## ASSIGNED TASK
Check each line of the data for the string "side". Report how many have it, and give nothing else.
● ● ● ●
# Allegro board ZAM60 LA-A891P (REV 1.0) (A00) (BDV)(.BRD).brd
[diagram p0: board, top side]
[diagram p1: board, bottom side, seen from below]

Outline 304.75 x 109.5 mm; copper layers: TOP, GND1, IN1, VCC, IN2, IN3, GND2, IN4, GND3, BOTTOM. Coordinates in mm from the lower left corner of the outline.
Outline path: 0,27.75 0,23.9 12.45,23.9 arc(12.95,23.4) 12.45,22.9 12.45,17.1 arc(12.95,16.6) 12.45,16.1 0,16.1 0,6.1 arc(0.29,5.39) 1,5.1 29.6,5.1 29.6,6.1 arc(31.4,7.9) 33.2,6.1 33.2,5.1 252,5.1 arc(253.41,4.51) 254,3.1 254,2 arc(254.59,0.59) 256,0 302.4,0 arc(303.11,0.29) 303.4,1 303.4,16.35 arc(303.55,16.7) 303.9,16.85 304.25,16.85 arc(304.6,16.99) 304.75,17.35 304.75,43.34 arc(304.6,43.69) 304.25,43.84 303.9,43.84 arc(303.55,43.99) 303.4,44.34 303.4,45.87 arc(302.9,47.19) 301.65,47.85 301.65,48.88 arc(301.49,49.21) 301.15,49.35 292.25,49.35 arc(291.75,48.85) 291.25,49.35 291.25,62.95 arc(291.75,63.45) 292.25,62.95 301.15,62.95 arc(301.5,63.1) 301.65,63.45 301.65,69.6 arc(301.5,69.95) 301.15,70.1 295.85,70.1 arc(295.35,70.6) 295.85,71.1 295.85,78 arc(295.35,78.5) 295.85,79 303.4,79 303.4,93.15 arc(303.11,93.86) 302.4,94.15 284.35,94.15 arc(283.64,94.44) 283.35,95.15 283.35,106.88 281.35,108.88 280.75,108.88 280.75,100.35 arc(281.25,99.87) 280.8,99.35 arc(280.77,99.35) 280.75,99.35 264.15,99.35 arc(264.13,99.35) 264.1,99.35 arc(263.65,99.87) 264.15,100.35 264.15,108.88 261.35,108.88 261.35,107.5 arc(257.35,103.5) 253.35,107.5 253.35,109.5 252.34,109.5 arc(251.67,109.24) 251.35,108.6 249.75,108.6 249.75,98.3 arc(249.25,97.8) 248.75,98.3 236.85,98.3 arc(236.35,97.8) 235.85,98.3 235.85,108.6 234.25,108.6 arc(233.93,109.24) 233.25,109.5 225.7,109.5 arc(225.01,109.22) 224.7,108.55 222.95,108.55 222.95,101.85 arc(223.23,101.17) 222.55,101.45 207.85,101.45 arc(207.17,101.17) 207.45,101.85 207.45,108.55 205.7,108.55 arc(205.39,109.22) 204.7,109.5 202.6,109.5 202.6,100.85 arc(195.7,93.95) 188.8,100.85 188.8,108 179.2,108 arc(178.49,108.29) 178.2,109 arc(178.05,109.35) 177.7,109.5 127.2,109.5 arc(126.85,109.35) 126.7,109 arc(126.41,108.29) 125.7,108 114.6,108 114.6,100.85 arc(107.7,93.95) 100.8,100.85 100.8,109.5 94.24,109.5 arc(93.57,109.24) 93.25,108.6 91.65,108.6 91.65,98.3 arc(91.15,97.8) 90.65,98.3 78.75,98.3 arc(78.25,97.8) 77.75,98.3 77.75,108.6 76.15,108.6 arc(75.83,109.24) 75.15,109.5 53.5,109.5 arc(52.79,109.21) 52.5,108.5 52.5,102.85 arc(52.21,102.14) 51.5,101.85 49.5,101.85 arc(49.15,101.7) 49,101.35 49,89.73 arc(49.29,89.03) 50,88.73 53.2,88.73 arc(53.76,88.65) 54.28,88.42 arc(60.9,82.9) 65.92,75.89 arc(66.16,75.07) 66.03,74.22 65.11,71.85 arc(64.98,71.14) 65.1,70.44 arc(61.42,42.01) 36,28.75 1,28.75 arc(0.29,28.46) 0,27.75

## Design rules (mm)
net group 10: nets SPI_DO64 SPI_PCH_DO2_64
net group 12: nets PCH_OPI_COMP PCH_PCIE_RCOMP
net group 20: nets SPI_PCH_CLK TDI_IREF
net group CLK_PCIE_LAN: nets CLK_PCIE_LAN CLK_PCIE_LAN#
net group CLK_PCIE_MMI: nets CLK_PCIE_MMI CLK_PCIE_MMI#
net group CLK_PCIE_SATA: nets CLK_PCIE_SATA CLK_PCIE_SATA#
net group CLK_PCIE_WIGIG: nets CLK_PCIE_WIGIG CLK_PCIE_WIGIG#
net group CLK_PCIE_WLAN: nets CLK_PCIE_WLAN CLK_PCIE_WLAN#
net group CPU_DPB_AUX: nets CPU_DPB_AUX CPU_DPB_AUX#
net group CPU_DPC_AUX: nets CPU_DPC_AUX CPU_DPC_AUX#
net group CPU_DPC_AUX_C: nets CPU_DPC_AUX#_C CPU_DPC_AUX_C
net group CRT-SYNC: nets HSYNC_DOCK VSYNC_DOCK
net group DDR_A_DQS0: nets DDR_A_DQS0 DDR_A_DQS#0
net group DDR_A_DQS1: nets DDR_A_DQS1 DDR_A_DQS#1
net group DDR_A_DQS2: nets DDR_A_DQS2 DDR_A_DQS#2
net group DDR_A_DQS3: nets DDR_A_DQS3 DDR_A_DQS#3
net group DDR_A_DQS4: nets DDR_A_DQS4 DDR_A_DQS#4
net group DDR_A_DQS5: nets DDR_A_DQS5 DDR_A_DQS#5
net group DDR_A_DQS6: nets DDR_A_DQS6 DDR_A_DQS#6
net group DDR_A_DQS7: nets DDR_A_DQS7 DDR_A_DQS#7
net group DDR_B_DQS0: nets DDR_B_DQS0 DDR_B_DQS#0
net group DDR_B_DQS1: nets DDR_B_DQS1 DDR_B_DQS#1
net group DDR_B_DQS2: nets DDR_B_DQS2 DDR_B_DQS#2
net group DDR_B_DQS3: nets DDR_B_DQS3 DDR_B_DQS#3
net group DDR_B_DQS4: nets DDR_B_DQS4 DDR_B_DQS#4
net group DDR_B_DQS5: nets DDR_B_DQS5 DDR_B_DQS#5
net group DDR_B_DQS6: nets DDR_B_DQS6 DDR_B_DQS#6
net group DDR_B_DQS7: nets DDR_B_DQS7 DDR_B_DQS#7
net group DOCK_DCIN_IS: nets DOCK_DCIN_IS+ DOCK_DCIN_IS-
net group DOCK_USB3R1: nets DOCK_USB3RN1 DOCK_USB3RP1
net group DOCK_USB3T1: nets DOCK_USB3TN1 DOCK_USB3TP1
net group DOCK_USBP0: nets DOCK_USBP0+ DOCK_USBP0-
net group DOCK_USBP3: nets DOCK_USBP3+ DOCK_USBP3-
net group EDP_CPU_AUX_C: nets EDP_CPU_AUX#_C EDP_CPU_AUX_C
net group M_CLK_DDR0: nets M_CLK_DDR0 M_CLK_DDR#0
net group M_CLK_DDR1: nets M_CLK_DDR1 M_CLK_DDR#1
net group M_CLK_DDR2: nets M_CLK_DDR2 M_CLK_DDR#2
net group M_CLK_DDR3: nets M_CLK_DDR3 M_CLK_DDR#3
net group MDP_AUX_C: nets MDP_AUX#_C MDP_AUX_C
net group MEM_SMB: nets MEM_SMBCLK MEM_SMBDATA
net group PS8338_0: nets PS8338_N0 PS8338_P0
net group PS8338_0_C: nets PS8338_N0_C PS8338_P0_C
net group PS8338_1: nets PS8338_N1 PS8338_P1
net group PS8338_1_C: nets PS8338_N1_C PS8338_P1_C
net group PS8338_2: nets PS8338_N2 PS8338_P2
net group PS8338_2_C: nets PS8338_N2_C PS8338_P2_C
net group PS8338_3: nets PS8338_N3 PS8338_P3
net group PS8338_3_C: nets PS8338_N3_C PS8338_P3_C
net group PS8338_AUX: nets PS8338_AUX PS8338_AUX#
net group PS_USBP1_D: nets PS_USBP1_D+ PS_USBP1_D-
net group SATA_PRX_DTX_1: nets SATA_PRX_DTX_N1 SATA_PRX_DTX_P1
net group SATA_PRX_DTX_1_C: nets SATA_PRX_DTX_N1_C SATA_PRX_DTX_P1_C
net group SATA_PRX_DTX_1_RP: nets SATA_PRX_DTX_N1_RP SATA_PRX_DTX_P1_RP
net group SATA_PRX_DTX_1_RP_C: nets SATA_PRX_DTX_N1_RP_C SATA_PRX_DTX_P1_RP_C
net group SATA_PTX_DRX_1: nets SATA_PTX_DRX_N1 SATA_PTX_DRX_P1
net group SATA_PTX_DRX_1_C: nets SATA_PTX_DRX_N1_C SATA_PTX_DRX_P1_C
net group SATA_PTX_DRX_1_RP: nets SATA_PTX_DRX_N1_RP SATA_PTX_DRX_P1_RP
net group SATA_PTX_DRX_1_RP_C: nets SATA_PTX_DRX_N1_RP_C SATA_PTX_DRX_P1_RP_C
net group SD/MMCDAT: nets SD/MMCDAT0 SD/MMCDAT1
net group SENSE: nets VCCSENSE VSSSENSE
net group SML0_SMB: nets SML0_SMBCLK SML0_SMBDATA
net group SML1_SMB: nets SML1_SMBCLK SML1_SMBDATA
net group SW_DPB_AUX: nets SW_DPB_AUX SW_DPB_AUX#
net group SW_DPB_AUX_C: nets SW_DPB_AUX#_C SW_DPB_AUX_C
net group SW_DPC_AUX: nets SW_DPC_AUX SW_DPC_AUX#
● ● ● ●
## EXERCISE OUTPUT
2